▸ **YOUR INSTRUCTIONS**
Find the line containing "M2A: IC1.3(1Y) J2.4" in the entries below. Restate it and each line after it, word for word, up to and including the line containing "J6 J7 = SparkFun-Connectors:CONN_06: Multi".

---*---

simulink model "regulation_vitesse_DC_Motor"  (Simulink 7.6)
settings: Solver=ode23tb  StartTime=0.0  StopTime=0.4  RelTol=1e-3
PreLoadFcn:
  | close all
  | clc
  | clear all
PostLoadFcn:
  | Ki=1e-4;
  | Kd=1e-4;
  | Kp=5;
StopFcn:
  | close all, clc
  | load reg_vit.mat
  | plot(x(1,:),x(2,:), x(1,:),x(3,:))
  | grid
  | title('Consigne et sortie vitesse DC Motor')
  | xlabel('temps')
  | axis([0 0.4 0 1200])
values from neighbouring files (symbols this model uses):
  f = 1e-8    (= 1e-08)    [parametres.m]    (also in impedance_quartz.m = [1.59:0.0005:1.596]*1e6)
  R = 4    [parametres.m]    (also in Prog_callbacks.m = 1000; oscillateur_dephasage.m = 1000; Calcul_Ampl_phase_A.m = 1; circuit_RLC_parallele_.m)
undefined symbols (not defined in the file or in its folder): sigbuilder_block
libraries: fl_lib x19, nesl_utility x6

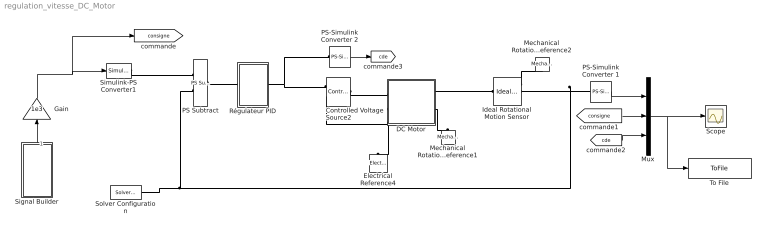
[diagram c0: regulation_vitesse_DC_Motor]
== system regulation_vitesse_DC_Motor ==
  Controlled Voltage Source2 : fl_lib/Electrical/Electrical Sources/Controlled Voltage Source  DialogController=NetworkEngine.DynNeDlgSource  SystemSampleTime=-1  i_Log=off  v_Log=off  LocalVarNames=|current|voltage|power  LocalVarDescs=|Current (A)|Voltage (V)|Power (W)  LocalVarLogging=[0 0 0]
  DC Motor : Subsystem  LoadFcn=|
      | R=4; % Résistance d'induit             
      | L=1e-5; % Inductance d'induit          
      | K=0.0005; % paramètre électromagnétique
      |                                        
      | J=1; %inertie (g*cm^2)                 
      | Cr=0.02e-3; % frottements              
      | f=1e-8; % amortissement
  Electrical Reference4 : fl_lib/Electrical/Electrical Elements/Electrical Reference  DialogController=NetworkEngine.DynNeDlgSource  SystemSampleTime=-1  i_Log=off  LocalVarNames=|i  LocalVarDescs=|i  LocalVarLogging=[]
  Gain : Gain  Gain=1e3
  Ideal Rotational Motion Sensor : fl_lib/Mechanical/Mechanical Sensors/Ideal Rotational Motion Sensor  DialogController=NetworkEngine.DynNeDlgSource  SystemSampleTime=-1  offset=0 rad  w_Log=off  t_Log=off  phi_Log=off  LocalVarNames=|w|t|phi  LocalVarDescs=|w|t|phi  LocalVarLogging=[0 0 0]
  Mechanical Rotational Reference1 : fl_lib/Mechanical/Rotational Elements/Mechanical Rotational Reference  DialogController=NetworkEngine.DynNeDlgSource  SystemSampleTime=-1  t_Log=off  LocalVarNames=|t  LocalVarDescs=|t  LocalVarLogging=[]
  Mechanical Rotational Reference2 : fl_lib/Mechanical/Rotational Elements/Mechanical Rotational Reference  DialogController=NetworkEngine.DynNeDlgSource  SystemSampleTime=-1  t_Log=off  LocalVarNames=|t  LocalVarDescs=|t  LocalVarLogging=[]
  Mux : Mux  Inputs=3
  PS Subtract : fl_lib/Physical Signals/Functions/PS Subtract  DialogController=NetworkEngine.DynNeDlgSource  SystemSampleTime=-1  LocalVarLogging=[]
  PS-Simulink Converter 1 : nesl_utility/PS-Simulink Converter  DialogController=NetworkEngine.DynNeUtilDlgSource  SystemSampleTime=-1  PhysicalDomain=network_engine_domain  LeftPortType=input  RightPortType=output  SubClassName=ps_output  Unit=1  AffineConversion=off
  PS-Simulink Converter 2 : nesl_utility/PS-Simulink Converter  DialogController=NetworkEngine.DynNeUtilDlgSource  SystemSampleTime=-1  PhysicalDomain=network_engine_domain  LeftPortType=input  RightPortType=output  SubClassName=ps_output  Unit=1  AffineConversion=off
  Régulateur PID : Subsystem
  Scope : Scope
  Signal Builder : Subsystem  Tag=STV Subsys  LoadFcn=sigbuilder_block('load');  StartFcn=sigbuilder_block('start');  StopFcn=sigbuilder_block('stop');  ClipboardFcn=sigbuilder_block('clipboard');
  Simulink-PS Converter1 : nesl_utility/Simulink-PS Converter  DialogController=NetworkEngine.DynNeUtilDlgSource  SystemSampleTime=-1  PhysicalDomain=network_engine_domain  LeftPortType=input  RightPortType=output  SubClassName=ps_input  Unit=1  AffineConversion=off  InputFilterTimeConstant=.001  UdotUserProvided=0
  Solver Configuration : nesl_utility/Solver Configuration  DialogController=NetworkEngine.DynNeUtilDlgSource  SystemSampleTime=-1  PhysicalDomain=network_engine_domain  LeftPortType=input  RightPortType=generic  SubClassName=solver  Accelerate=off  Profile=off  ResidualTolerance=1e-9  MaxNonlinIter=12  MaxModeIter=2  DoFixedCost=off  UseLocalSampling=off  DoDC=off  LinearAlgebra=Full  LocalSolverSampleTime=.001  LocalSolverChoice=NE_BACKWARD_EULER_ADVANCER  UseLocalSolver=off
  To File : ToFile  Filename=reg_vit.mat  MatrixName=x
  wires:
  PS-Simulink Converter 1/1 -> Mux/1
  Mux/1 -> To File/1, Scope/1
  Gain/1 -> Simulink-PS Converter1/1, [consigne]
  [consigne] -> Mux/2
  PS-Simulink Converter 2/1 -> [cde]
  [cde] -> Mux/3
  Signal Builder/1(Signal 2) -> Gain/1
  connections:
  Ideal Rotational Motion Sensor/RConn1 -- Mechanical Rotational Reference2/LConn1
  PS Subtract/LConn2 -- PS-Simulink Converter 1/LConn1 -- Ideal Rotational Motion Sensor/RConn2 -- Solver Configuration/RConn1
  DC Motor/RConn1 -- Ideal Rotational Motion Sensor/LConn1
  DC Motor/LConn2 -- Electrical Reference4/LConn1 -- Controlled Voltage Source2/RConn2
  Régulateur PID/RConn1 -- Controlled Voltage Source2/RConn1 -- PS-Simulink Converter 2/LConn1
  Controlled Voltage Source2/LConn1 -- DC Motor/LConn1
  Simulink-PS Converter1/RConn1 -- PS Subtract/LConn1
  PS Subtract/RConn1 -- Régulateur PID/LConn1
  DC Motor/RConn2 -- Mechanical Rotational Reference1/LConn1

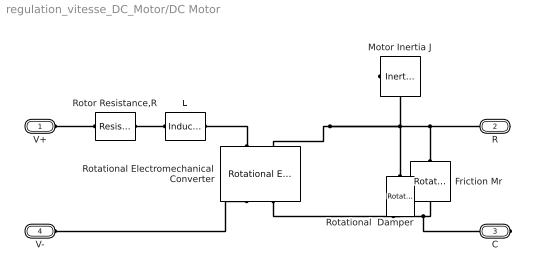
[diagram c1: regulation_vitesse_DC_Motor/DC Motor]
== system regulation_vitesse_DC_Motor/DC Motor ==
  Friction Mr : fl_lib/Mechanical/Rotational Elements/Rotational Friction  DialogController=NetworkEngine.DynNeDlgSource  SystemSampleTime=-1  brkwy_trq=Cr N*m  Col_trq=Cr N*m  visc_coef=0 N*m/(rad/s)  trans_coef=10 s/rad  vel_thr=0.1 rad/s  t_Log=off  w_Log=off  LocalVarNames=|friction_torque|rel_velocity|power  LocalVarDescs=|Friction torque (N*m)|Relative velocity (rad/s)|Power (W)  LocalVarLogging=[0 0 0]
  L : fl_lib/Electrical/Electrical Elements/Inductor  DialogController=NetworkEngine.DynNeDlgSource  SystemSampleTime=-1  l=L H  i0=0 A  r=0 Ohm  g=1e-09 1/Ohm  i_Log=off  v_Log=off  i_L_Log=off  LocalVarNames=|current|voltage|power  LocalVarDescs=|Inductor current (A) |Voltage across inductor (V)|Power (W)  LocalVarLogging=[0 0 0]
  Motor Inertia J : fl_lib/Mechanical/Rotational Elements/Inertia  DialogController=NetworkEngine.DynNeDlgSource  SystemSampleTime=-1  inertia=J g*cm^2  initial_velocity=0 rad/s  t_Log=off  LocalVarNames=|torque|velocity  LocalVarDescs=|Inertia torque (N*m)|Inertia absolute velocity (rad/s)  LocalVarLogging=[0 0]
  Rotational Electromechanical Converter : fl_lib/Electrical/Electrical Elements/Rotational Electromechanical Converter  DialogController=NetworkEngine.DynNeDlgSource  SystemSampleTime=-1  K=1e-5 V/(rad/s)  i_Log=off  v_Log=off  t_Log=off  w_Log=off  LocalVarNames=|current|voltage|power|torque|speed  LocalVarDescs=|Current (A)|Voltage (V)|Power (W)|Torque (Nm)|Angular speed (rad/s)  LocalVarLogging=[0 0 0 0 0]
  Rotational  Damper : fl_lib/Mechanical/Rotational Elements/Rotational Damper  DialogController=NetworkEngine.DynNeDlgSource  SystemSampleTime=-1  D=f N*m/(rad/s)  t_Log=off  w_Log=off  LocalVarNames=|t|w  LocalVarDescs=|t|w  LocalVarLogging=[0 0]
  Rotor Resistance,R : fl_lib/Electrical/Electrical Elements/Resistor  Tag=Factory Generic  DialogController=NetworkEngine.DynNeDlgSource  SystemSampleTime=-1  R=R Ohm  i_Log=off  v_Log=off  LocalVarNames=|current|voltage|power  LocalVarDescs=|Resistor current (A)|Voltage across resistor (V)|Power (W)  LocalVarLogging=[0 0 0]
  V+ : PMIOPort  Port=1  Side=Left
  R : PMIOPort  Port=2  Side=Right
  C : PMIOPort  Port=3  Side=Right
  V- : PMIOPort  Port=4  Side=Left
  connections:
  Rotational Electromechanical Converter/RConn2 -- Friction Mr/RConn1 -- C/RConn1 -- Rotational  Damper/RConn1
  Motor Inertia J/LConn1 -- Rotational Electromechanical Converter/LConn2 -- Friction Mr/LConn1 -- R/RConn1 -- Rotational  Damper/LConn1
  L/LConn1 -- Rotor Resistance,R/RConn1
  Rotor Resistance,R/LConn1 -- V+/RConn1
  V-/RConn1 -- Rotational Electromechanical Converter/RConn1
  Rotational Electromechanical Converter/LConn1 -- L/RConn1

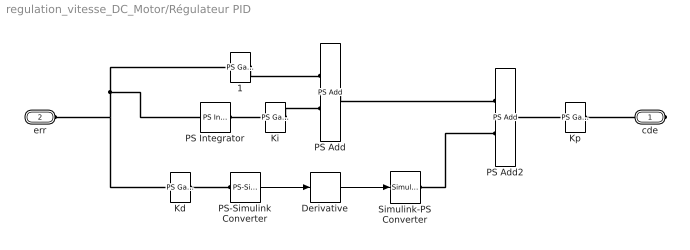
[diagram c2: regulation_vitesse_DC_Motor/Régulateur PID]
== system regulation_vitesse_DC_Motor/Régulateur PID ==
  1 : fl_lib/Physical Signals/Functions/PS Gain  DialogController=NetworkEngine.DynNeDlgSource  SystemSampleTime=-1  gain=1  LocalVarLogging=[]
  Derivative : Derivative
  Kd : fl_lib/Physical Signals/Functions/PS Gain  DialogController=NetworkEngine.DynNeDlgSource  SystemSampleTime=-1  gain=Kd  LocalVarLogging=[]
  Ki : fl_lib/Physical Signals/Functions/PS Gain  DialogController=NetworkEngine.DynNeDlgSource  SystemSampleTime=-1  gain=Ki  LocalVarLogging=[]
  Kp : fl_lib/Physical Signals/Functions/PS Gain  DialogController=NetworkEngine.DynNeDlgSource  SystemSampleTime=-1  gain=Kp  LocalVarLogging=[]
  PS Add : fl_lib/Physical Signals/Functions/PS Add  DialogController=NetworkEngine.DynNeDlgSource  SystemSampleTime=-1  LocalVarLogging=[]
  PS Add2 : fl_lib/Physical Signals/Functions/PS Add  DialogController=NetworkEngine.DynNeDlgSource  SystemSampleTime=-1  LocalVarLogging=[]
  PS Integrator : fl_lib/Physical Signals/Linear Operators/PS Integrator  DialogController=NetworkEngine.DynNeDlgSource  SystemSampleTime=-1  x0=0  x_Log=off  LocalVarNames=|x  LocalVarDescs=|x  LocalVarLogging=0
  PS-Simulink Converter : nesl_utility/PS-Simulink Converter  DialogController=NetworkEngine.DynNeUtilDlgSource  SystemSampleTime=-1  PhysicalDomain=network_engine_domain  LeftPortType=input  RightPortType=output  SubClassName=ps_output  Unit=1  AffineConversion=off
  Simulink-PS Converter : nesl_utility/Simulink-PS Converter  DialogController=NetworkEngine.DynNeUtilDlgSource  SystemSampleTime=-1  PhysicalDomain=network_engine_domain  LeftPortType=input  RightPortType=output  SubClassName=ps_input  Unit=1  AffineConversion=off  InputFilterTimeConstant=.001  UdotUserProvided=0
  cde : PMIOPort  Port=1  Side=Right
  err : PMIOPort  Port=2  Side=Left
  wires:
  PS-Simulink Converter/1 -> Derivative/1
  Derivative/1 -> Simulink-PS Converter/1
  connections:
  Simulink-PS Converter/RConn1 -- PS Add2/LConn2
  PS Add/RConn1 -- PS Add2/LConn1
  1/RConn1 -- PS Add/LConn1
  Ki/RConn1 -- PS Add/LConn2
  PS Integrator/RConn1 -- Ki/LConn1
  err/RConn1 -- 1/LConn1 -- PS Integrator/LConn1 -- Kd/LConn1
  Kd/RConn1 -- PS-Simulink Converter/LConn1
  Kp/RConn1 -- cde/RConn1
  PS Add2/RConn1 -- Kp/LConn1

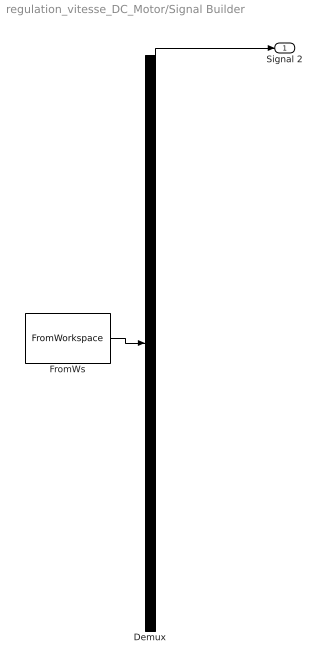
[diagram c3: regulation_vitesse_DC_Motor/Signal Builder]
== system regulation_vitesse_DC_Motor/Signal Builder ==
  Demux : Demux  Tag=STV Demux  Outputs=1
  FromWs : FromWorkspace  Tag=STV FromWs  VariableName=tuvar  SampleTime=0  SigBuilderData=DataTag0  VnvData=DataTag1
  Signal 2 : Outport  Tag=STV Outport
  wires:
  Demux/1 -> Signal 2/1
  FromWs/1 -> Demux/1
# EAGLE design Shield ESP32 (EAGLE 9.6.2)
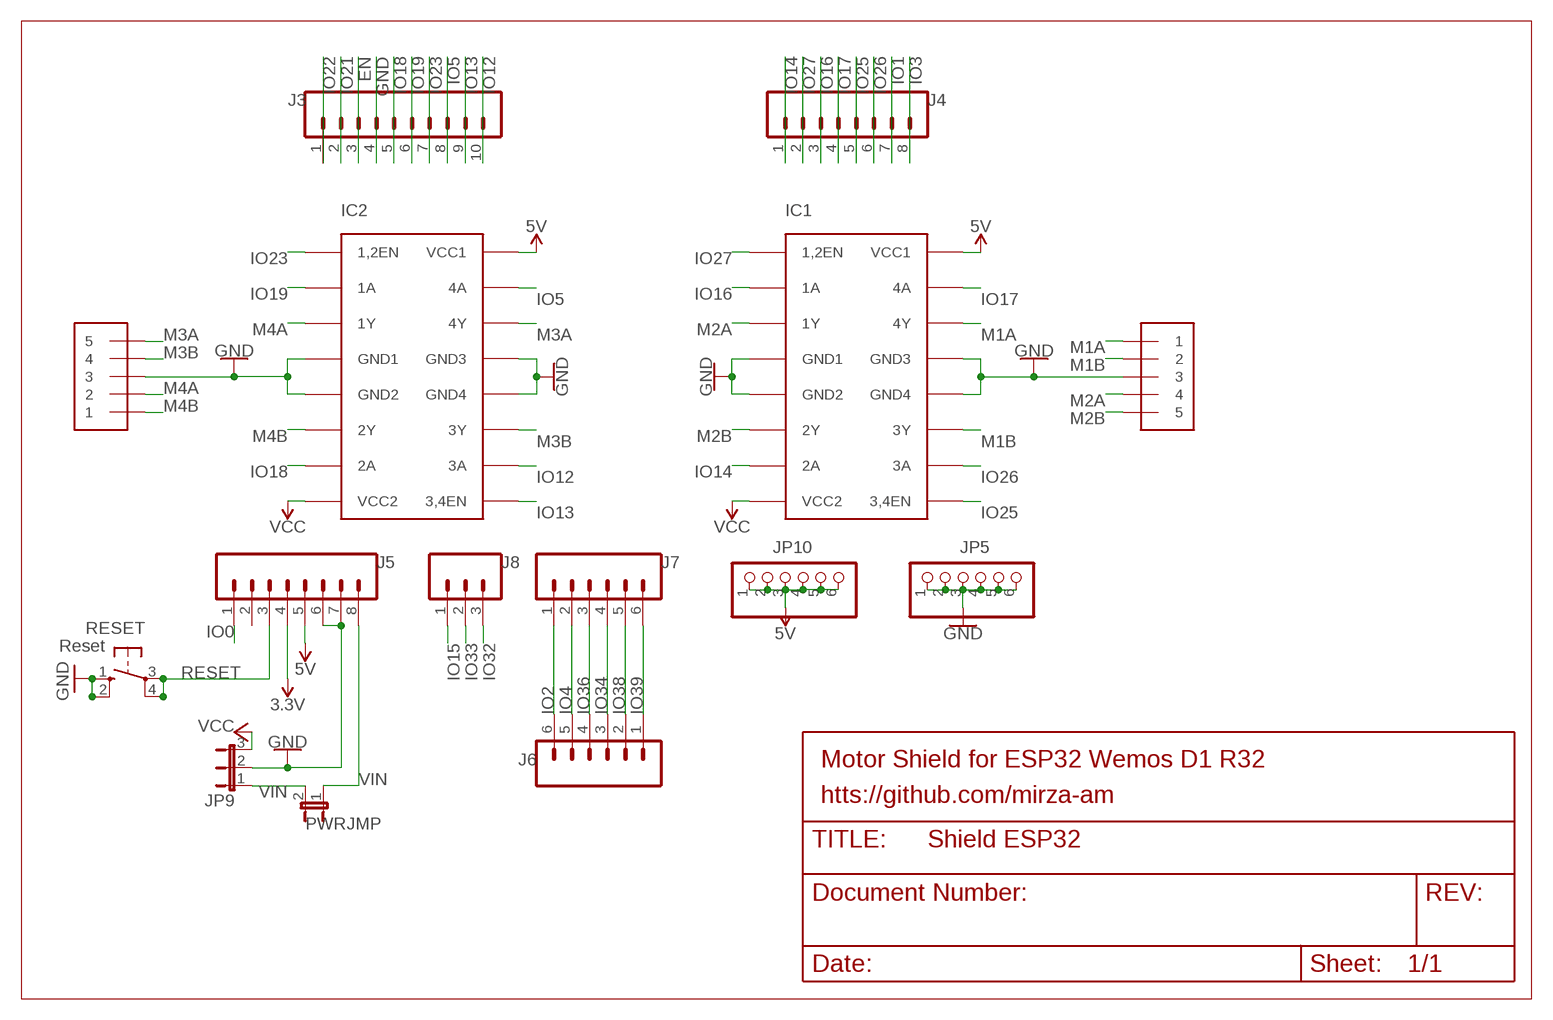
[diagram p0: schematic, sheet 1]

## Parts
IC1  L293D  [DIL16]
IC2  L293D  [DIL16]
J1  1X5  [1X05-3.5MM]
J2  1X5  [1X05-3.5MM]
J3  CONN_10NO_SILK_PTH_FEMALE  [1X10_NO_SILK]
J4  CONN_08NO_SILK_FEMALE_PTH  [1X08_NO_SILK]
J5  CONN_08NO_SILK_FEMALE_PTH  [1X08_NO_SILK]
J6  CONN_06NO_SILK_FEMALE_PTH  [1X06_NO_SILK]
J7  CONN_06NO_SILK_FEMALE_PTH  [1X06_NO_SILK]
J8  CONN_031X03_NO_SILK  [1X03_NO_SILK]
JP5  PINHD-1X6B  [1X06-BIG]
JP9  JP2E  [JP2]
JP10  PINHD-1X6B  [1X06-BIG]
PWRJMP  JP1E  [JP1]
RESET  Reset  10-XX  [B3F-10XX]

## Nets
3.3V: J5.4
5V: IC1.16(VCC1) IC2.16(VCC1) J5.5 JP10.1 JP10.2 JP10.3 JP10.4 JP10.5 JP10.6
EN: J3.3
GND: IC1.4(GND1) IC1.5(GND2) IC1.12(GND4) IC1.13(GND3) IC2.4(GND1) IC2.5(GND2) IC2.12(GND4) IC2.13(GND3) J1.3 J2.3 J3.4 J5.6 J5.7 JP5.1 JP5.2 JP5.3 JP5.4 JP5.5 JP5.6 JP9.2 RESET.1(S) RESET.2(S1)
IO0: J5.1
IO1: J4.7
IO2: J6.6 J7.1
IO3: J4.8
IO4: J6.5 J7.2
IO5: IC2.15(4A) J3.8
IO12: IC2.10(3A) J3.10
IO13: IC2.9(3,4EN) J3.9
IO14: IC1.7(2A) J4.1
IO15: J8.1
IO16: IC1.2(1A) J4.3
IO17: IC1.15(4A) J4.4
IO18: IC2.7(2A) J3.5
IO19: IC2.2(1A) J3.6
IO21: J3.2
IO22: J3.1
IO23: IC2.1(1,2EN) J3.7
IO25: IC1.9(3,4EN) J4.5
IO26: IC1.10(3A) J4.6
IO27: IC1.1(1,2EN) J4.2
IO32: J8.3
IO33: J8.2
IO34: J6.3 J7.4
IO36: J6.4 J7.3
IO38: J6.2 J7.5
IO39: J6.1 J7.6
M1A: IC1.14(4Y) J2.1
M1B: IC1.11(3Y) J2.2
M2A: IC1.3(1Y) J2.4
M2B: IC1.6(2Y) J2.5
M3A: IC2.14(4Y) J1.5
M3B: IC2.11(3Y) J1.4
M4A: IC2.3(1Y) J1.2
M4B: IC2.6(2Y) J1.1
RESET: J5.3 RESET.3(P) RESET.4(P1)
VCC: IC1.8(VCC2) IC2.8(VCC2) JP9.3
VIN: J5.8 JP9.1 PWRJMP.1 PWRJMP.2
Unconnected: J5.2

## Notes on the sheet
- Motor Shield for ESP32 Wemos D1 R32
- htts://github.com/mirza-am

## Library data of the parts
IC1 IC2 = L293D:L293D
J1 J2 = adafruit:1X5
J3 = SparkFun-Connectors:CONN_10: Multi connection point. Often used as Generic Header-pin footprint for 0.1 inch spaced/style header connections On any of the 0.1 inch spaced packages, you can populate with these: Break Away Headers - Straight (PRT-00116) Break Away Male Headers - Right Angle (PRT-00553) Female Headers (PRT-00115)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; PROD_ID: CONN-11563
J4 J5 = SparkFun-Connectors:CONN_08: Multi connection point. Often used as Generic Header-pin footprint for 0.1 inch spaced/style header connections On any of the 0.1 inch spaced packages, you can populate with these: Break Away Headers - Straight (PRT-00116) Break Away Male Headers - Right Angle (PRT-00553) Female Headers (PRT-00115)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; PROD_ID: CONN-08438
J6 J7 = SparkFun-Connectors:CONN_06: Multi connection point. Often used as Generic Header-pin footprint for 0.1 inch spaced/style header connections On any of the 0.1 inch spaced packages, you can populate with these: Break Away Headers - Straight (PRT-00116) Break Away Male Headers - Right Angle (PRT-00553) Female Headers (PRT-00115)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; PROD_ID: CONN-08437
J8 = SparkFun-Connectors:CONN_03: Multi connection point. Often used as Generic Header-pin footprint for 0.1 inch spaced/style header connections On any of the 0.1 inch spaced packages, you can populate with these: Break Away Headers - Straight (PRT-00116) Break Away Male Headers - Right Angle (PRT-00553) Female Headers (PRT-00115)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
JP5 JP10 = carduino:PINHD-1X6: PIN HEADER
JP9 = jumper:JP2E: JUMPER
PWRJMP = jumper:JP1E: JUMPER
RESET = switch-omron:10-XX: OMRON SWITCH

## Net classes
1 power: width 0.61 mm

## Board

---*---

▸ **ANSWER BOX**
M2A: IC1.3(1Y) J2.4
M2B: IC1.6(2Y) J2.5
M3A: IC2.14(4Y) J1.5
M3B: IC2.11(3Y) J1.4
M4A: IC2.3(1Y) J1.2
M4B: IC2.6(2Y) J1.1
RESET: J5.3 RESET.3(P) RESET.4(P1)
VCC: IC1.8(VCC2) IC2.8(VCC2) JP9.3
VIN: J5.8 JP9.1 PWRJMP.1 PWRJMP.2
Unconnected: J5.2

## Notes on the sheet
- Motor Shield for ESP32 Wemos D1 R32
- htts://github.com/mirza-am

## Library data of the parts
IC1 IC2 = L293D:L293D
J1 J2 = adafruit:1X5
J3 = SparkFun-Connectors:CONN_10: Multi connection point. Often used as Generic Header-pin footprint for 0.1 inch spaced/style header connections On any of the 0.1 inch spaced packages, you can populate with these: Break Away Headers - Straight (PRT-00116) Break Away Male Headers - Right Angle (PRT-00553) Female Headers (PRT-00115); PROD_ID: CONN-11563
J4 J5 = SparkFun-Connectors:CONN_08: Multi connection point. Often used as Generic Header-pin footprint for 0.1 inch spaced/style header connections On any of the 0.1 inch spaced packages, you can populate with these: Break Away Headers - Straight (PRT-00116) Break Away Male Headers - Right Angle (PRT-00553) Female Headers (PRT-00115); PROD_ID: CONN-08438
J6 J7 = SparkFun-Connectors:CONN_06: Multi connection point. Often used as Generic Header-pin footprint for 0.1 inch spaced/style header connections On any of the 0.1 inch spaced packages, you can populate with these: Break Away Headers - Straight (PRT-00116) Break Away Male Headers - Right Angle (PRT-00553) Female Headers (PRT-00115); PROD_ID: CONN-08437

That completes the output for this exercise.